Remove vocals for background music. Pull the vocal stem, solo everything else, and export the instrumental for use in videos. The result avoids creating music beds that trigger content ID systems, as long as the original track carries an appropriate license.
Sample isolated instruments. Extract a guitar, piano, or bass stem from a reference track and use it as a starting sample or compositional reference in a DAW. The isolation is not clean enough for commercial release without additional processing, but it accelerates arrangement work considerably.
Study a professional mix. Mute each stem one at a time and listen to how the track changes. This is one of the fastest methods to understand how a commercial release is layered, compressed, and spaced, without access to the original multitrack session files.
Create karaoke or practice versions. Separate the vocal stem and remove it from the mix, then export the instrumental via Export Mix. Useful for tutorial videos, cover recordings, or live performance backing tracks where you already have rights to the source material.
Recover a recording with a music bed baked in. If a podcast or interview recording has background music mixed in, separating the vocal stem can recover a usable version of the speech even when the result has some artifacts. It is a last-resort technique, not a substitute for clean source recording, but it works well enough in many cases.
Related Tools for Audio Creators
Frequently Asked Questions
Does StemDeck need an internet connection?

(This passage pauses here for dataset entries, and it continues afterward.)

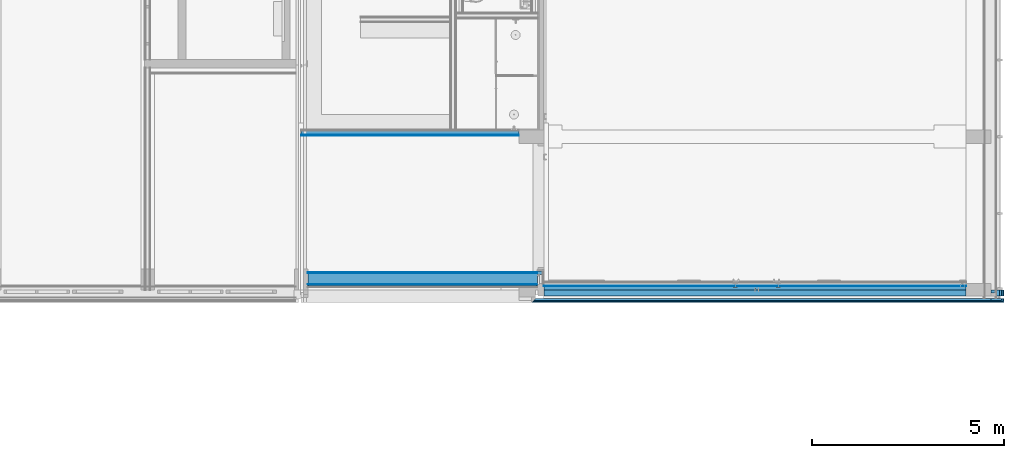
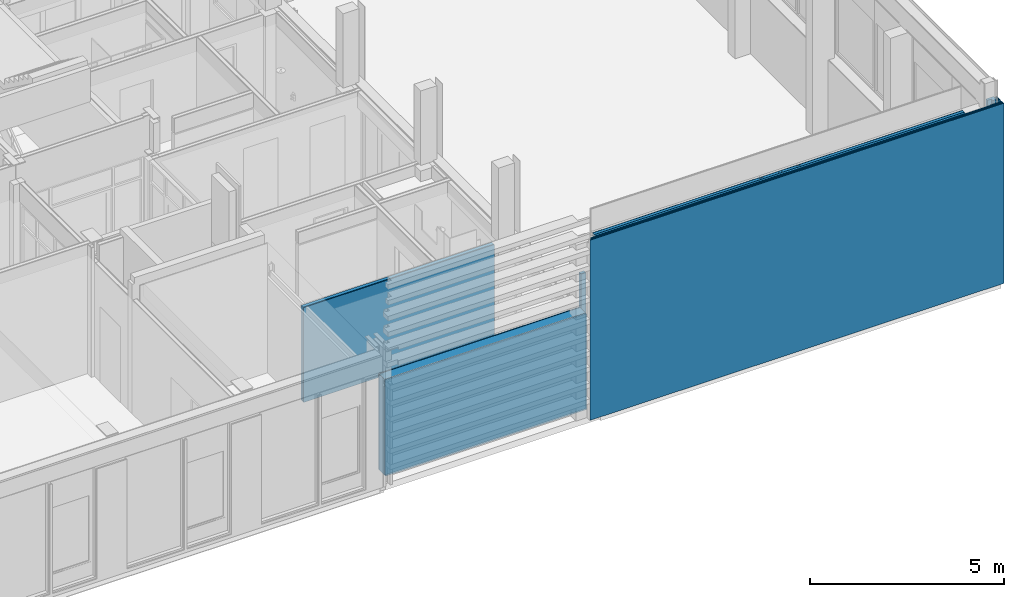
# One storey, part 76 of 109: 15 building element parts, 5 elements without a shape of their own.
"""IFC2X3 building model written with IfcOpenShell, lengths in millimetres."""

from ifc_helpers import new_model, entity, si_unit, converted_unit, derived_unit, money_unit, direction, frame, origin_with_axes, place, context, subcontext, project, spatial, faceted_brep, material, type_object, element, aggregate, save


model = new_model("IFC2X3")

# Units and contexts
model_context = context("Model", 3, precision=0.01, world=origin_with_axes(), true_north=direction((0.0, 1.0)))
body_context = subcontext(model_context, "Body", "Model", "MODEL_VIEW")
ifc_project = project(units=[si_unit("LENGTHUNIT", "METRE", prefix="MILLI"), si_unit("AREAUNIT", "SQUARE_METRE"), si_unit("VOLUMEUNIT", "CUBIC_METRE"), converted_unit("PLANEANGLEUNIT", "DEGREE", entity("IfcPlaneAngleMeasure", 0.0174532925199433), si_unit("PLANEANGLEUNIT", "RADIAN"), dimensions=[0, 0, 0, 0, 0, 0, 0]), money_unit("EUR"), converted_unit("TIMEUNIT", "Year", entity("IfcTimeMeasure", 31557600.0), si_unit("TIMEUNIT", "SECOND"), dimensions=[0, 0, 1, 0, 0, 0, 0]), si_unit("MASSUNIT", "GRAM", prefix="KILO"), si_unit("THERMODYNAMICTEMPERATUREUNIT", "DEGREE_CELSIUS"), si_unit("LUMINOUSINTENSITYUNIT", "LUMEN"), si_unit("ENERGYUNIT", "JOULE", prefix="MEGA"), derived_unit("THERMALCONDUCTANCEUNIT", [(si_unit("POWERUNIT", "WATT"), 1), (si_unit("LENGTHUNIT", "METRE"), -1), (si_unit("THERMODYNAMICTEMPERATUREUNIT", "KELVIN"), -1)]), derived_unit("SPECIFICHEATCAPACITYUNIT", [(si_unit("ENERGYUNIT", "JOULE"), 1), (si_unit("MASSUNIT", "GRAM", prefix="KILO"), -1), (si_unit("THERMODYNAMICTEMPERATUREUNIT", "KELVIN"), -1)]), derived_unit("MASSDENSITYUNIT", [(si_unit("MASSUNIT", "GRAM", prefix="KILO"), 1), (si_unit("VOLUMEUNIT", "CUBIC_METRE"), -1)])], contexts=[model_context])

# Site, building, storey
site_placement = place(None, origin_with_axes())
site = spatial("IfcSite", under=ifc_project, at=site_placement, Name="<site naam>", CompositionType="ELEMENT")
building_placement = place(site_placement, origin_with_axes())
building = spatial("IfcBuilding", under=site, at=building_placement, Name="<Naam gebouw>", CompositionType="ELEMENT")
storey_placement = place(building_placement, origin_with_axes())
storey = spatial("IfcBuildingStorey", under=building, at=storey_placement, Name="00 Begane grond", CompositionType="ELEMENT", Elevation=0.0)

# Wall, building element parts
wall_type_1 = type_object("IfcWallType", Name="MS-01 GF 150 ECO DGS/2.100.2.A 150", PredefinedType="NOTDEFINED")
wall_1_placement = place(storey_placement, frame((52000.00000000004, 4175.000000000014, 0.0), z_axis=(0.0, 0.0, 1.0), x_axis=(1.0, 0.0, 0.0)))
wall_1 = element("IfcWall", 1, at=wall_1_placement, inside=storey, type_object=wall_type_1, Name="22_Binnenwand_MS-01")
ifc_material_1 = material(Name="isolatie_steenwol LSW")
building_element_part_1_placement = place(wall_1_placement, origin_with_axes())
building_element_part_1 = element("IfcBuildingElementPart", 2, at=building_element_part_1_placement, material=ifc_material_1, Name="isolatie_steenwol LSW", context=body_context, shape_type="Brep", body=[
    faceted_brep([(5675.000000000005, -124.9999999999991, 2978.0), (5675.000000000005, -24.99999999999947, 2978.0), (0.0, -24.99999999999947, 2978.0), (0.0, -125.0, 2978.0), (5675.000000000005, -24.99999999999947, 3.000000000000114), (5675.000000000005, -125.0000073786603, 0.0), (5675.000000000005, -99.9999999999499, 0.0), (5675.000000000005, -99.9999999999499, 3.000000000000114), (135.0000000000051, -24.99999999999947, 3.000000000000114), (135.0000000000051, -25.00000000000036, 0.0), (0.0, -25.00000000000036, 0.0), (0.0, -125.0, 0.0), (135.0000000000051, -125.0000378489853, 0.0), (135.0000000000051, -125.0000378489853, 3.000000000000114), (3887.814489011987, -125.0000378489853, 3.000000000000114), (3887.814489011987, -125.0000378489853, 0.0), (3887.814488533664, -99.9999999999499, 0.0), (3887.814488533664, -99.9999999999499, 3.000000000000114)], [[[0, 1, 2, 3]], [[4, 1, 0, 5, 6, 7]], [[1, 4, 8, 9, 10, 2]], [[11, 3, 2, 10]], [[5, 0, 3, 11, 12, 13, 14, 15]], [[6, 5, 15, 16]], [[7, 6, 16, 17]], [[4, 7, 17, 14, 13, 8]], [[13, 12, 9, 8]], [[11, 10, 9, 12]], [[15, 14, 17, 16]]]),
])
ifc_material_2 = material(Name="gipsplaat")
building_element_part_2_placement = place(wall_1_placement, origin_with_axes())
building_element_part_2 = element("IfcBuildingElementPart", 3, at=building_element_part_2_placement, material=ifc_material_2, Name="gipsplaat", context=body_context, shape_type="Brep", body=[
    faceted_brep([(5675.000000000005, -137.4999999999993, 2978.0), (5675.000000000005, -124.9999999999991, 2978.0), (0.0, -125.0, 2978.0), (0.0, -137.5000000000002, 2978.0), (5675.000000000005, -125.0, 0.0), (5675.000000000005, -137.4999999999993, 0.0), (0.0, -125.0, 0.0), (0.0, -137.5000000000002, 0.0)], [[[0, 1, 2, 3]], [[4, 1, 0, 5]], [[1, 4, 6, 2]], [[7, 3, 2, 6]], [[5, 0, 3, 7]], [[4, 5, 7, 6]]]),
])
building_element_part_3_placement = place(wall_1_placement, origin_with_axes())
building_element_part_3 = element("IfcBuildingElementPart", 4, at=building_element_part_3_placement, material=ifc_material_2, Name="gipsplaat", context=body_context, shape_type="Brep", body=[
    faceted_brep([(5675.000000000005, -149.9999999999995, 2978.0), (5675.000000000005, -137.4999999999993, 2978.0), (0.0, -137.5000000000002, 2978.0), (0.0, -149.9999999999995, 2978.0), (5675.000000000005, -137.4999999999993, 0.0), (5675.000000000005, -149.9999999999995, 0.0), (0.0, -137.5000000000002, 0.0), (0.0, -150.0000000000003, 0.0)], [[[0, 1, 2, 3]], [[4, 1, 0, 5]], [[1, 4, 6, 2]], [[7, 3, 2, 6]], [[5, 0, 3, 7]], [[4, 5, 7, 6]]]),
])
aggregate(wall_1, [building_element_part_1, building_element_part_2, building_element_part_3])

wall_type_2 = type_object("IfcWallType", Name="metselwerk-lucht-kalkzandsteen 335 335", PredefinedType="NOTDEFINED")
wall_2_placement = place(storey_placement, frame((58000.00000000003, -324.0893218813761, -30.0), z_axis=(0.0, 0.0, 1.0), x_axis=(1.0, 0.0, 0.0)))
wall_2 = element("IfcWall", 5, at=wall_2_placement, inside=storey, type_object=wall_type_2, Name="21_Binnenwand_metselwerk-lucht-kalkzandsteen")
ifc_material_3 = material(Name="kalkzandsteen C")
building_element_part_4_placement = place(wall_2_placement, origin_with_axes())
building_element_part_4 = element("IfcBuildingElementPart", 6, at=building_element_part_4_placement, material=ifc_material_3, Name="kalkzandsteen C", context=body_context, shape_type="Brep", body=[
    faceted_brep([(325.0000000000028, 325.0000000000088, 29.99999858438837), (325.0000000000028, 324.9999999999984, 5524.999999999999), (335.0000265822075, 335.0000265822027, 5524.999999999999), (334.9999999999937, 334.9999999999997, 29.99999858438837), (325.0000000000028, 175.0000000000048, 5524.999999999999), (325.0000000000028, 175.0000000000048, 29.99999922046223), (11324.99999999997, 175.0000000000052, 5524.999999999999), (11324.99999999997, 335.0000014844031, 5524.999999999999), (11324.99999999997, 335.0000000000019, 29.99999858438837), (11324.99999999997, 175.0000000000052, 29.99999926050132)], [[[0, 1, 2, 3]], [[4, 1, 0, 5]], [[1, 4, 6, 7, 2]], [[7, 8, 3, 2]], [[5, 0, 3, 8, 9]], [[4, 5, 9, 6]], [[8, 7, 6, 9]]]),
    faceted_brep([(11974.99999999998, 335.0000000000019, 0.0), (11974.99999999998, 335.0000000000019, 5524.999999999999), (11974.99999999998, 335.0000007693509, 5715.000003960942), (12189.99999969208, 335.0000002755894, 5715.000003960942), (12189.99999969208, 335.0000000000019, 5665.000062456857), (12250.00000429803, 335.0000000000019, 5665.000062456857), (12250.00000429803, 335.0000000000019, 5694.999985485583), (12279.99999527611, 335.0000000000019, 5694.999985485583), (12279.99999527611, 335.0000000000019, 5665.000062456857), (12309.99999757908, 335.0000000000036, 5665.000062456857), (12309.99999999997, 335.0000000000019, 0.0), (11974.99999999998, 256.7893218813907, 0.0), (11974.99999999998, 256.7893218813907, 5524.999999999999), (11974.99999999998, 256.7893218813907, 5715.000003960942), (12084.99999999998, 256.7893218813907, 5715.000003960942), (12084.99999999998, 175.0000000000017, 5715.000003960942), (12189.99999969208, 175.0000000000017, 5715.000003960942), (12189.99999969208, 175.0000000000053, 5665.000062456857), (12250.00000429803, 175.0000000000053, 5665.000062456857), (12250.00000429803, 175.0000000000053, 5694.999985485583), (12279.99999527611, 175.0000000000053, 5694.999985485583), (12279.99999527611, 175.0000000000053, 5665.000062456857), (12309.99999757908, 175.0000000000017, 5665.000062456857), (12309.99999999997, 175.0000000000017, 0.0), (12084.99999999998, 175.0000000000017, 0.0), (12084.99999999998, 256.7893218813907, 0.0)], [[[0, 1, 2, 3, 4, 5, 6, 7, 8, 9, 10]], [[1, 0, 11, 12, 13, 2]], [[14, 15, 16, 3, 2, 13]], [[17, 4, 3, 16]], [[18, 5, 4, 17]], [[19, 6, 5, 18]], [[20, 7, 6, 19]], [[21, 8, 7, 20]], [[21, 22, 9, 8]], [[10, 9, 22, 23]], [[11, 0, 10, 23, 24, 25]], [[12, 11, 25, 14, 13]], [[15, 14, 25, 24]], [[15, 24, 23, 22, 21, 20, 19, 18, 17, 16]]]),
])
ifc_material_4 = material(Name="metselwerk AFW")
building_element_part_5_placement = place(wall_2_placement, origin_with_axes())
building_element_part_5 = element("IfcBuildingElementPart", 7, at=building_element_part_5_placement, material=ifc_material_4, Name="metselwerk AFW", context=body_context, shape_type="Brep", body=[
    faceted_brep([(12279.9999952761, 29.08932660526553, 5665.000062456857), (12309.08932188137, 0.0, 5665.000062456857), (12309.99999757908, 0.0, 5665.000062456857), (12309.99999757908, 110.0000000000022, 5665.000062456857), (12279.99999527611, 110.000000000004, 5665.000062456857), (0.0, 0.0, 5665.000062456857), (29.08932660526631, 29.08932660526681, 5665.000062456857), (0.0, 0.0, 0.0), (12309.99999999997, 0.0, 0.0), (12309.99999999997, 110.0000000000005, 0.0), (11974.99999999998, 110.000000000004, 5665.000062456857), (12199.08932188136, 109.9999999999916, 5665.000062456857), (12250.00000429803, 110.000000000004, 5665.000062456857), (12250.00000429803, 110.000000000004, 5694.999985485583), (12279.99999527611, 110.000000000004, 5694.999985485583), (110.0000000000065, 110.0000000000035, 0.0), (110.0000000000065, 110.0000000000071, 5524.999999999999), (11974.99999999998, 110.000000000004, 5524.999999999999), (12279.9999952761, 29.08932660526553, 5694.999985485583), (29.08932660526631, 29.08932660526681, 5694.999985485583), (59.08931758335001, 59.08931758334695, 5694.999985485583), (59.08931758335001, 59.08931758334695, 5665.000062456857), (59.08932188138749, 59.08932188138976, 5524.999999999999), (12250.00000429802, 59.08931758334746, 5665.000062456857), (11974.99999999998, 59.08931758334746, 5665.000062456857), (12250.00000429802, 59.08931758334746, 5694.999985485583), (11974.99999999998, 59.08932188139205, 5524.999999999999)], [[[0, 1, 2, 3, 4]], [[5, 1, 0, 6]], [[1, 5, 7, 8, 2]], [[3, 2, 8, 9]], [[10, 11, 12, 13, 14, 4, 3, 9, 15, 16, 17]], [[18, 0, 4, 14]], [[0, 18, 19, 6]], [[20, 21, 22, 16, 15, 7, 5, 6, 19]], [[7, 15, 9, 8]], [[23, 11, 10, 24]], [[11, 23, 12]], [[23, 25, 13, 12]], [[25, 18, 14, 13]], [[17, 16, 22, 26]], [[24, 10, 17, 26]], [[18, 25, 20, 19]], [[25, 23, 24, 21, 20]], [[21, 24, 26, 22]]]),
])
aggregate(wall_2, [building_element_part_4, building_element_part_5])

wall_type_3 = type_object("IfcWallType", Name="HSB_285 gevelbeplating Brise Soleil 398", PredefinedType="NOTDEFINED")
wall_3_placement = place(storey_placement, frame((52174.99998309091, 472.49980589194, 0.0), z_axis=(0.0, 0.0, 1.0), x_axis=(1.0, 0.0, 0.0)))
wall_3 = element("IfcWall", 8, at=wall_3_placement, inside=storey, type_object=wall_type_3, Name="22_Binnenwand_HSB_285")
ifc_material_5 = material(Name="hout_OSB")
building_element_part_6_placement = place(wall_3_placement, origin_with_axes())
building_element_part_6 = element("IfcBuildingElementPart", 9, at=building_element_part_6_placement, material=ifc_material_5, Name="hout_OSB", context=body_context, shape_type="Brep", body=[
    faceted_brep([(5500.000055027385, -12.50000000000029, 2.999999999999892), (0.0, -12.50000000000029, 3.000000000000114), (0.0, -12.50000000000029, 3008.0), (5980.000016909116, -12.50000000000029, 3008.0), (5980.000016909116, -12.50000000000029, 0.0), (5500.000055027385, -12.50000000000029, 0.0), (5500.000055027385, -27.49999999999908, 2.999999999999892), (0.0, -27.50000000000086, 2.999999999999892), (0.0, -27.49999999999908, 3008.0), (5980.000016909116, -27.49999999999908, 3008.0), (5980.000016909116, -27.49999999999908, 0.0), (5500.000055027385, -27.49999999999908, 0.0)], [[[0, 1, 2, 3, 4, 5]], [[1, 0, 6, 7]], [[1, 7, 8, 2]], [[8, 9, 3, 2]], [[10, 4, 3, 9]], [[11, 5, 4, 10]], [[0, 5, 11, 6]], [[6, 11, 10, 9, 8, 7]]]),
])
building_element_part_7_placement = place(wall_3_placement, origin_with_axes())
building_element_part_7 = element("IfcBuildingElementPart", 10, at=building_element_part_7_placement, material=ifc_material_2, Name="gipsplaat", context=body_context, shape_type="Brep", body=[
    faceted_brep([(5500.000055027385, 0.0, 2.999999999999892), (0.0, 0.0, 3.000000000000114), (0.0, 0.0, 3008.0), (5980.000016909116, 0.0, 3008.0), (5980.000016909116, 0.0, 0.0), (5500.000055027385, 0.0, 0.0), (5500.000055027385, -12.50000000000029, 2.999999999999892), (0.0, -12.50000000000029, 2.999999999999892), (0.0, -12.50000000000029, 3008.0), (5980.000016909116, -12.50000000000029, 3008.0), (5980.000016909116, -12.50000000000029, 0.0), (5500.000055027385, -12.50000000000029, 0.0)], [[[0, 1, 2, 3, 4, 5]], [[1, 0, 6, 7]], [[1, 7, 8, 2]], [[8, 9, 3, 2]], [[10, 4, 3, 9]], [[11, 5, 4, 10]], [[0, 5, 11, 6]], [[6, 11, 10, 9, 8, 7]]]),
])
ifc_material_6 = material(Name="folie_dampdicht")
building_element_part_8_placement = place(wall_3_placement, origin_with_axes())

No. Once installed and the Demucs model is downloaded on first run, StemDeck processes everything locally. The only feature requiring a connection is YouTube URL import, which uses yt-dlp to download audio before processing begins.
How accurate is the stem separation?
Quality depends on the source material. Acoustic recordings with clear instrument separation produce cleaner stems than dense electronic mixes with heavy compression and reverb. The Demucs htdemucs_6s model ranks among the top open-source separation models by standard benchmarks, but commercially trained models sometimes outperform it on challenging material.
Can I use StemDeck commercially?
The StemDeck software itself is Apache 2.0 licensed, which permits commercial use. Whether the stems you extract carry licensing restrictions depends entirely on the rights attached to your source audio, not on the tool. Only process content you own or that carries an appropriate license.
What GPU is needed for the Windows CUDA build?
The CUDA build targets NVIDIA GPUs. Modern NVIDIA cards from the GTX 1000 series onward generally work. If your GPU is not compatible, use the CPU build instead and expect longer processing times (two to five minutes per four-minute track on typical laptop hardware).
Is v0.5.0 stable enough for production use?
It is labeled alpha. The developers recommend opening issues for anything that breaks. If you need a more conservative option, v0.4.0-alpha.3 (released May 16) is available from the same releases page. The alpha label means the interface and database schema are still changing between releases, so do not rely on a single installation persisting across major updates without following the migration notes.
Does StemDeck support formats beyond MP3 and WAV?
StemDeck uses FFmpeg for audio decoding, which supports FLAC, AIFF, OGG, M4A, and most common formats. The interface primarily shows MP3 and WAV in examples, but any FFmpeg-compatible file should work through the same import path.